Cost shifting to non-U.S. jurisdictions may expose us to increased operational risk and reputational harm and may not result in expected cost savings.

We actively strive to achieve cost savings by shifting certain business processes to lower-cost geographic locations, including by forming joint ventures and by establishing operations in lower cost locations, such as Poland, India and China, and by outsourcing to vendors in various jurisdictions. This effort exposes us to the risk that we may not maintain service quality, control or effective management within these business operations. The increased elements of risk that arise from conducting certain operating processes in some jurisdictions could lead to an increase in reputational risk. During periods of transition, greater operational risk and client concern exist regarding the continuity of a high level of service delivery. The extent and pace at which we are able to move functions to lower-cost locations may also be impacted by regulatory and client acceptance issues. Such relocation of functions also entails costs, such as technology and real estate expenses, that may offset or exceed the expected financial benefits of the lower-cost locations.

It may be difficult and costly to protect our intellectual property rights, and we may not be able to ensure their protection.

We may be unable to protect our intellectual property and proprietary technology effectively, which may allow competitors to duplicate our technology and products and may adversely affect our ability to compete with them. To the extent that we are not able to protect our intellectual property effectively through patents or other means, employees with knowledge of our intellectual property may leave and seek to exploit our intellectual property for their own or others’ advantage. In addition, we may infringe upon claims of third-party patents, and we may face intellectual property challenges from other parties. We may not be successful in defending against any such challenges or in obtaining licenses to avoid or resolve any intellectual property disputes. The intellectual property of an acquired business may be an important component of the value that we agree to pay for such a business. However, such acquisitions are subject to the risks that the acquired business may not own the intellectual property that we believe we are acquiring, that the intellectual property is dependent upon licenses from third parties, that the acquired business infringes upon the intellectual property rights of others, or that the technology does not have the acceptance in the marketplace that we anticipated.

Competition for our employees is intense, and we may not be able to attract and retain the highly skilled people we need to support our business.

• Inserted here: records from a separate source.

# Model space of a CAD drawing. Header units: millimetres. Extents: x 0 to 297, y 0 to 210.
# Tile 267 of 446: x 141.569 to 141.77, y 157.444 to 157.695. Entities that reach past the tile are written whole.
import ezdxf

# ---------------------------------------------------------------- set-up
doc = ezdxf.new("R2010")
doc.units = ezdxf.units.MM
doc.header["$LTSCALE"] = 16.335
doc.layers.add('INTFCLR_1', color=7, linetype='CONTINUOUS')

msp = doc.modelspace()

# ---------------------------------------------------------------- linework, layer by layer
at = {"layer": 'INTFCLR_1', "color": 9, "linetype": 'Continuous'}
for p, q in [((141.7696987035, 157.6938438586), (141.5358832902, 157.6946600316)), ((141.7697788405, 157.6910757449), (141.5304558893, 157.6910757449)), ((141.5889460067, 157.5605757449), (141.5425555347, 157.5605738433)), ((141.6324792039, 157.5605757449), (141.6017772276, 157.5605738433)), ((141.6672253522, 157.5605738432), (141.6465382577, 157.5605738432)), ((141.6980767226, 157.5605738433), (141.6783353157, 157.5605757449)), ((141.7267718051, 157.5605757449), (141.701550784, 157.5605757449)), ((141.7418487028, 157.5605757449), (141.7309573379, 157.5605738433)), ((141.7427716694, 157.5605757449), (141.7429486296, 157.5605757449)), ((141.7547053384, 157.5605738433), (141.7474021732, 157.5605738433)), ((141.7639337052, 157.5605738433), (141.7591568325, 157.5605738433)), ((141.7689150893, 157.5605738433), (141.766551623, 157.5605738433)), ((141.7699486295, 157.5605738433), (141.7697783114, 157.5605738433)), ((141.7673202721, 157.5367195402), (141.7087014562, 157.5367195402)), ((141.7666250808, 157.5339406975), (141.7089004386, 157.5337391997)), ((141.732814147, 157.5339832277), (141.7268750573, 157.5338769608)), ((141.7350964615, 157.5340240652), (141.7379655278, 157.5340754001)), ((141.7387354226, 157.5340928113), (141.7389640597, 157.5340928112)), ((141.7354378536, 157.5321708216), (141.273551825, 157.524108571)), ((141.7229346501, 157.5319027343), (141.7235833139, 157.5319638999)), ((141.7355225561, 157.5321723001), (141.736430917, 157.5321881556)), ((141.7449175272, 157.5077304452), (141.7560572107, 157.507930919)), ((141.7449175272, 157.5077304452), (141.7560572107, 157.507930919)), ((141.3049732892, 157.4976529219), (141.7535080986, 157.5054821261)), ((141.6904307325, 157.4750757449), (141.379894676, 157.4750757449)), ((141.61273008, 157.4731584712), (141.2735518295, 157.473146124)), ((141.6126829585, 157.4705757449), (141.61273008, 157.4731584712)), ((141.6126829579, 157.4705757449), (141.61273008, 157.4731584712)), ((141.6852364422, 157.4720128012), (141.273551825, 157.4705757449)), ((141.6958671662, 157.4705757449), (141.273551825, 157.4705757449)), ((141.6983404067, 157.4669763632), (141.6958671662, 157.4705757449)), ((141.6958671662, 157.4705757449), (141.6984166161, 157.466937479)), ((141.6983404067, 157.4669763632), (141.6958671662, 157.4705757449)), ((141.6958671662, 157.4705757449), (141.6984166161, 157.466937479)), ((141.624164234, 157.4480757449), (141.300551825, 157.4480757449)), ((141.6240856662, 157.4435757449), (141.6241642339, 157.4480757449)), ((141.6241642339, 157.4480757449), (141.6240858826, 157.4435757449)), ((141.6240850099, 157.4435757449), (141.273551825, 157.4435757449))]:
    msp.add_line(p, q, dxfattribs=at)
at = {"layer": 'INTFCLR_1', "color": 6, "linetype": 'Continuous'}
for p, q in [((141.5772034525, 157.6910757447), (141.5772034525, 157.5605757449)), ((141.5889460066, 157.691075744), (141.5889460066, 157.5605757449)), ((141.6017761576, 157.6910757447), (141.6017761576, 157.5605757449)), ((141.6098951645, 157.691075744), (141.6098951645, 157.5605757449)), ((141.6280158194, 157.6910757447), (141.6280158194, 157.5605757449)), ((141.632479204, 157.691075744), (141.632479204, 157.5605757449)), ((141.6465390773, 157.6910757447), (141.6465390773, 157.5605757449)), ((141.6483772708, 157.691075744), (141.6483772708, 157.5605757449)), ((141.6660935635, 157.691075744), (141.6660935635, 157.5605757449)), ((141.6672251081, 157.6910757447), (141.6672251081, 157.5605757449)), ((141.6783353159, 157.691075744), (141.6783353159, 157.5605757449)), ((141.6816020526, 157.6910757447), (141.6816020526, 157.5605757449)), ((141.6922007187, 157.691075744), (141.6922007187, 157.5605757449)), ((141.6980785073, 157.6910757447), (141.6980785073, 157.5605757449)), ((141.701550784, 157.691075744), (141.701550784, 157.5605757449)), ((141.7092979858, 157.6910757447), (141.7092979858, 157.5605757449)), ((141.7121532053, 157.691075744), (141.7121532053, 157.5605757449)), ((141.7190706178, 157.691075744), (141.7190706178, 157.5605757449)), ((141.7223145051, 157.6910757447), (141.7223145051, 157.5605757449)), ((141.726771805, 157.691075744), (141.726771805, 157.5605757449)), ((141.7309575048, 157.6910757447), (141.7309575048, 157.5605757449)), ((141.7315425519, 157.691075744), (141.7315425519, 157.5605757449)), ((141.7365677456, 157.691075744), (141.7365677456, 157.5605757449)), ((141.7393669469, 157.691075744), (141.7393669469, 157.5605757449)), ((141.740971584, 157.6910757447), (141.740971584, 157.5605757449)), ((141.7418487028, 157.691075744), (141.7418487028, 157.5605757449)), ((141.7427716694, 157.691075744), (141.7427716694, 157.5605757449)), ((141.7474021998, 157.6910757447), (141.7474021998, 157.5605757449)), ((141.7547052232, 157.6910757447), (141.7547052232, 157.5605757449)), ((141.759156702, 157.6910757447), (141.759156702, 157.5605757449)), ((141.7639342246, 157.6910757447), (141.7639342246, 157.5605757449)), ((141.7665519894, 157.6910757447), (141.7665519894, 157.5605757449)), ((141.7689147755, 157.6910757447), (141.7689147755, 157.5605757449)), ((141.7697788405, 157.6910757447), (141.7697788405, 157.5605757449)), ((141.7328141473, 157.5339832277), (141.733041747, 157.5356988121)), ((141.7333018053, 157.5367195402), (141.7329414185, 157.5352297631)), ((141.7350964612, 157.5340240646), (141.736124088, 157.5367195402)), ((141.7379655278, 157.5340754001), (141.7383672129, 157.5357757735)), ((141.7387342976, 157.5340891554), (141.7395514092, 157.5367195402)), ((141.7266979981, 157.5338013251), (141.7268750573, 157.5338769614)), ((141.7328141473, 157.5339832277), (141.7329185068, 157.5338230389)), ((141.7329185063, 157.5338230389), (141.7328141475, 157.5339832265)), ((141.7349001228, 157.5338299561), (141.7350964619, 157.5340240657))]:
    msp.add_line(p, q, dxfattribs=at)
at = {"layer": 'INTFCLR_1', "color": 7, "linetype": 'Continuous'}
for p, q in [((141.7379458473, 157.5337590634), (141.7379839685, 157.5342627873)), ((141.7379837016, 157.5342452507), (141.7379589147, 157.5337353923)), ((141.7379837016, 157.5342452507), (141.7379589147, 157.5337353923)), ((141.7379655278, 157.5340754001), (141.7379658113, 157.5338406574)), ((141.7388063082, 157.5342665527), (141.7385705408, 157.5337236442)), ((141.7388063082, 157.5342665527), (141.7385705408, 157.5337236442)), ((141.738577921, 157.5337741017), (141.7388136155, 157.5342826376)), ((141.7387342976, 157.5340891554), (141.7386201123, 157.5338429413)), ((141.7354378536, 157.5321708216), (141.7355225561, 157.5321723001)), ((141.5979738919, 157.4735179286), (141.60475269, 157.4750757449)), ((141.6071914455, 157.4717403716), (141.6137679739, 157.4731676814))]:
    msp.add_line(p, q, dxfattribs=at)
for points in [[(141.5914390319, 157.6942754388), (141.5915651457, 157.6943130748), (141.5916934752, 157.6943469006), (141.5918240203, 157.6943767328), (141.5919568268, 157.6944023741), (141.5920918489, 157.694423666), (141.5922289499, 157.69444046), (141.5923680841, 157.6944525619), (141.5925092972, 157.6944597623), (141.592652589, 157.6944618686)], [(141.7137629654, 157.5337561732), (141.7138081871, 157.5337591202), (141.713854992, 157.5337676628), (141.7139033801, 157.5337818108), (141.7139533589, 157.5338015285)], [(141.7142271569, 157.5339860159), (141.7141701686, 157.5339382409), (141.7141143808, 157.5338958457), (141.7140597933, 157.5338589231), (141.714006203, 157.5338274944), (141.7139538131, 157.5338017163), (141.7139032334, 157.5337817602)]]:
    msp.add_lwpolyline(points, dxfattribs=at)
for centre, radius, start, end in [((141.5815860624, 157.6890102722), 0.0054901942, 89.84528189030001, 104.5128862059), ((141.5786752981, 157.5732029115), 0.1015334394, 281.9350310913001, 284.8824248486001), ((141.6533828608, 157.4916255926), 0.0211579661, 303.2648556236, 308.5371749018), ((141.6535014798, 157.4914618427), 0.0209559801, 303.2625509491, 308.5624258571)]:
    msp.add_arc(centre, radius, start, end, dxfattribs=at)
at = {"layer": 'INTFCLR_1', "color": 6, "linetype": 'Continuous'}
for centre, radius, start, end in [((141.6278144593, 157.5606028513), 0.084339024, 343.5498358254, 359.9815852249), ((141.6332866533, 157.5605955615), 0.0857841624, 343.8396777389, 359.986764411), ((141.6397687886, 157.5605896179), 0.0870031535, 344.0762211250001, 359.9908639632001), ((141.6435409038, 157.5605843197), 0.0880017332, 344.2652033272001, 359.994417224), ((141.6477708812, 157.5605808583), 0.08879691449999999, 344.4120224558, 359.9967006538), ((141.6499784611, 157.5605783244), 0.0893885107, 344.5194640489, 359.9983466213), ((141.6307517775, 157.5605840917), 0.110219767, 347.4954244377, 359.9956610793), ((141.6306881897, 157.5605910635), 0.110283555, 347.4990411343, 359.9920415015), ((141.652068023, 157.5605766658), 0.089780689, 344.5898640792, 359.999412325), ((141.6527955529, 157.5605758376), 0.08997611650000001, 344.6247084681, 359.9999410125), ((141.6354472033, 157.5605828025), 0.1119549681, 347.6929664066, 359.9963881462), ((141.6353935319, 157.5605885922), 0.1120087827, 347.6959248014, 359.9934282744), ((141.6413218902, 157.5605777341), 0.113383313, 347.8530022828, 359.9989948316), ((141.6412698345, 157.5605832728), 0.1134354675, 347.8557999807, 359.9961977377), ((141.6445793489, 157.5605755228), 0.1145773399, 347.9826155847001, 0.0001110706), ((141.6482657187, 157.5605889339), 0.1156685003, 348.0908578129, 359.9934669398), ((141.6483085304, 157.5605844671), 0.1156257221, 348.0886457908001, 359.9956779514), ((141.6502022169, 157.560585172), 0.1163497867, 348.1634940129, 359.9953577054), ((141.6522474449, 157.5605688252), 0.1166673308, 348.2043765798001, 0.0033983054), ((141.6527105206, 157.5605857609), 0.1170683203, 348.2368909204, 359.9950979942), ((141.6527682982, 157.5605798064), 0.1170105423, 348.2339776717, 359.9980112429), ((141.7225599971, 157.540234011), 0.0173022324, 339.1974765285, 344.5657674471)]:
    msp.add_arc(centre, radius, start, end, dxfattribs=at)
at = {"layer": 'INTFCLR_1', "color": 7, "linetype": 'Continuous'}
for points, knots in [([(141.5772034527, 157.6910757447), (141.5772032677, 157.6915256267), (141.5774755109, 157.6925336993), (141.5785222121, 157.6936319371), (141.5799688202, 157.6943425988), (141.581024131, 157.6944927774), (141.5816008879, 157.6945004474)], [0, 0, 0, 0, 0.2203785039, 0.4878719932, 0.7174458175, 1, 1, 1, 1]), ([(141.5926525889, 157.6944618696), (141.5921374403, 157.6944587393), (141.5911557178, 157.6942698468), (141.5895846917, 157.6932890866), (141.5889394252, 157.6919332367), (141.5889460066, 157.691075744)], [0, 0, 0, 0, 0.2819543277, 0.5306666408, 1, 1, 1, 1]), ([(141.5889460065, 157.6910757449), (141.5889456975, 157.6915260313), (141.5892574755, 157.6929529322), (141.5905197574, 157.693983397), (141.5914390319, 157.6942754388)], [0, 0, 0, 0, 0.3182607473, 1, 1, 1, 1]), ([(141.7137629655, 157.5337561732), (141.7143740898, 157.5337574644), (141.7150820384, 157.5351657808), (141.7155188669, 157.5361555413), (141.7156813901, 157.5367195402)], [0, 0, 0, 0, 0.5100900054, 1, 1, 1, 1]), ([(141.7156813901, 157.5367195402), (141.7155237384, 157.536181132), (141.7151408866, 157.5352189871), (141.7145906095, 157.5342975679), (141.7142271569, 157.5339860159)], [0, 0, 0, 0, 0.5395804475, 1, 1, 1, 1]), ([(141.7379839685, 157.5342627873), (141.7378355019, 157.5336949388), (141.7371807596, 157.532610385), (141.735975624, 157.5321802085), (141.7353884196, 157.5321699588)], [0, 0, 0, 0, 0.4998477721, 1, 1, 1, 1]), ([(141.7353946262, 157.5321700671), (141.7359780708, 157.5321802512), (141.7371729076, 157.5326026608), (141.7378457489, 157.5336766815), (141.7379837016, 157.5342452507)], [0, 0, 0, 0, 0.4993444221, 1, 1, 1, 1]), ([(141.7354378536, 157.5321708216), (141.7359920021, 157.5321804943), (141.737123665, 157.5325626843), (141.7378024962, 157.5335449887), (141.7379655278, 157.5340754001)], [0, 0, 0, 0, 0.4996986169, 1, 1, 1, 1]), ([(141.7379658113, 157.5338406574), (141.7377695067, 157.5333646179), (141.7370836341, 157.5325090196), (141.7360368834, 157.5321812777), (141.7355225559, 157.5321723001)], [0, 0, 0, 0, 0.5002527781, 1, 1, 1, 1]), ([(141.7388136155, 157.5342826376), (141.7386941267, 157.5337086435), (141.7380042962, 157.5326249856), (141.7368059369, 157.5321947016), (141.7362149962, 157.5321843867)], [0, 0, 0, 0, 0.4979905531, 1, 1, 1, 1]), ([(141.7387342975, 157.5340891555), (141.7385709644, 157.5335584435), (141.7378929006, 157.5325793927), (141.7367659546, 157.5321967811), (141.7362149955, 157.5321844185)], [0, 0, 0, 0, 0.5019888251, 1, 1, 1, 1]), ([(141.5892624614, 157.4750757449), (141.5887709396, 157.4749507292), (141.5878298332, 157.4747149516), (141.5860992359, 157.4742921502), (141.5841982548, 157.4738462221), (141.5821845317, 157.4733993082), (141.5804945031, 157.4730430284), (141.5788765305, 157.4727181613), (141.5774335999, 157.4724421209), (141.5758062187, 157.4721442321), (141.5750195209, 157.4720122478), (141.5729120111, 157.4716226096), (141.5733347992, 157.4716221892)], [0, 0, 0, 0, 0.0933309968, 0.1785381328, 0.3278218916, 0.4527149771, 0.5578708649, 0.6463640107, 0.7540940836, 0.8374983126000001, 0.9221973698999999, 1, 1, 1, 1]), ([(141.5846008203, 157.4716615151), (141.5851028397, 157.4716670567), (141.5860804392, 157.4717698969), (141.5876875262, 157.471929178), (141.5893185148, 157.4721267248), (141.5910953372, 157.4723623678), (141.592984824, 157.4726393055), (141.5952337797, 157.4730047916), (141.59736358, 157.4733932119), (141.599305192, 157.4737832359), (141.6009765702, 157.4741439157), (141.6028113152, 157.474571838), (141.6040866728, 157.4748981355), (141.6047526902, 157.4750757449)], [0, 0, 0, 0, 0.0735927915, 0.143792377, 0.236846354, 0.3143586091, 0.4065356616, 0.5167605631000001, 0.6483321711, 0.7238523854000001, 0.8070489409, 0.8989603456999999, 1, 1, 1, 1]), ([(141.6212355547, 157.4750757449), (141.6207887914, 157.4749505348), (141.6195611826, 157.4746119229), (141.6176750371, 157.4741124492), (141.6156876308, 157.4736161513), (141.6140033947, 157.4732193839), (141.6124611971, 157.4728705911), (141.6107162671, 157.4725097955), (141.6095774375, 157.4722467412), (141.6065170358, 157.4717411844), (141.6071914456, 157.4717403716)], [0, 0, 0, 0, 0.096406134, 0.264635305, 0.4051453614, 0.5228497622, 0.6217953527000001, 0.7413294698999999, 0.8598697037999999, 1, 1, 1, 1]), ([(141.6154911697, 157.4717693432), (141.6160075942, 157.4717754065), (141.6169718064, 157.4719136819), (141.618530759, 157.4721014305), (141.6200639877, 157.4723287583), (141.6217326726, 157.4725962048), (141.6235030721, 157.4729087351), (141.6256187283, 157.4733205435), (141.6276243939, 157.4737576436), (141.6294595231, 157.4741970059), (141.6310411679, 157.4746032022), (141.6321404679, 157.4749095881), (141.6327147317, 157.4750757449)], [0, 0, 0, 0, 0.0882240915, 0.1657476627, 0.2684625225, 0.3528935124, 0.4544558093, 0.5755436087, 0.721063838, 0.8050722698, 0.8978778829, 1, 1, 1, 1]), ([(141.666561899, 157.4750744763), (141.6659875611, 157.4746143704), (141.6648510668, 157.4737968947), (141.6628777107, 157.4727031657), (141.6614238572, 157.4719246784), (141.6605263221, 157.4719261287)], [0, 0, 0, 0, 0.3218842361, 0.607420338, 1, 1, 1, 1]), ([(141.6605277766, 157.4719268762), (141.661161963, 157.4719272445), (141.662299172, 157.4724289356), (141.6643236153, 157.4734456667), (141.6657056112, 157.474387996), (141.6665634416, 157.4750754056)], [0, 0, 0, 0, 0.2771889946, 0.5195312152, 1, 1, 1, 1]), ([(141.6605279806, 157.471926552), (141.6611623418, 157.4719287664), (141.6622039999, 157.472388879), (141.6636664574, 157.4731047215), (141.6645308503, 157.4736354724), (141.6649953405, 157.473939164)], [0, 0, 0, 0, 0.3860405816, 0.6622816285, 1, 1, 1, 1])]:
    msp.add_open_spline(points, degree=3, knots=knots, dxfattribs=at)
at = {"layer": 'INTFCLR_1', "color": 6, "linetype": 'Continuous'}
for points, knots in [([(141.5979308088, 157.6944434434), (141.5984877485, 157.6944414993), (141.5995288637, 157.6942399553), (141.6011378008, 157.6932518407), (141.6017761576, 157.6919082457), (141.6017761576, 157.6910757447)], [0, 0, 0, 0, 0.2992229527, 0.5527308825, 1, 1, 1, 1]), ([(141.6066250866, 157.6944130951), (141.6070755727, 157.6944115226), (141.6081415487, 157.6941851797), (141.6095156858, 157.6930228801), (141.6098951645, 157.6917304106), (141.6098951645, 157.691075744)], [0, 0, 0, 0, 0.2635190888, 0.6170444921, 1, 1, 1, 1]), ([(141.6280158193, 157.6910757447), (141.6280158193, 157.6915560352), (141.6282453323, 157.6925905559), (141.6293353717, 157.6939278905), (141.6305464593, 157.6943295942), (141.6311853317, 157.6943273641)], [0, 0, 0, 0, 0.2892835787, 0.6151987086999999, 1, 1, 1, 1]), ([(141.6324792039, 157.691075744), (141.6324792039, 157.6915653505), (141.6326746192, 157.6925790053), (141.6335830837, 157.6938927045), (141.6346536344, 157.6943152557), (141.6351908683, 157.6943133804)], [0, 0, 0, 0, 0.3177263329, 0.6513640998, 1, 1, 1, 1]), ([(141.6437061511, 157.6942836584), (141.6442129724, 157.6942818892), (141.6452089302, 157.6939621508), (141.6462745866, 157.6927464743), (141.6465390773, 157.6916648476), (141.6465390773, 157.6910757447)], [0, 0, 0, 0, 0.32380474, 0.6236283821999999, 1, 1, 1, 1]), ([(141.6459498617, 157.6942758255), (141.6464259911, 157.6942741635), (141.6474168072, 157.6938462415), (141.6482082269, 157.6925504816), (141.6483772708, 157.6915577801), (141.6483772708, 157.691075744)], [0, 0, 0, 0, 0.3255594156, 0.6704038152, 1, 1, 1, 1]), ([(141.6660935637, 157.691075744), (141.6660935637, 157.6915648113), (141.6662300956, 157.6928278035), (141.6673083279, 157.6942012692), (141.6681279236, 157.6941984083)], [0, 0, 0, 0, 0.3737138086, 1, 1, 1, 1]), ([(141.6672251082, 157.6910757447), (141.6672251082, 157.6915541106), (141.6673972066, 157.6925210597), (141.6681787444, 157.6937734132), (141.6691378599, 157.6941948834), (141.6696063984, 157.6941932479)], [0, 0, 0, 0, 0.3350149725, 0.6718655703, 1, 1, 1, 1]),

Our success depends, in large part, on our ability to attract and/or retain key people. Competition for the best people in most activities in which we engage can be intense, and we may not be able to hire people or retain them, particularly in light of uncertainty concerning evolving compensation restrictions applicable, or which may become applicable, to banks (and potentially not applicable to other financial services firms). The unexpected loss of services of one or more of our key personnel could have a material adverse impact on our business because of their skills, their knowledge of our markets, their years of industry experience and, in some cases, the difficulty of promptly finding qualified replacement personnel. Similarly, the loss of key employees, either individually or as a group, can adversely affect our clients’ perception of our ability to continue to manage certain types of investment management mandates or other services.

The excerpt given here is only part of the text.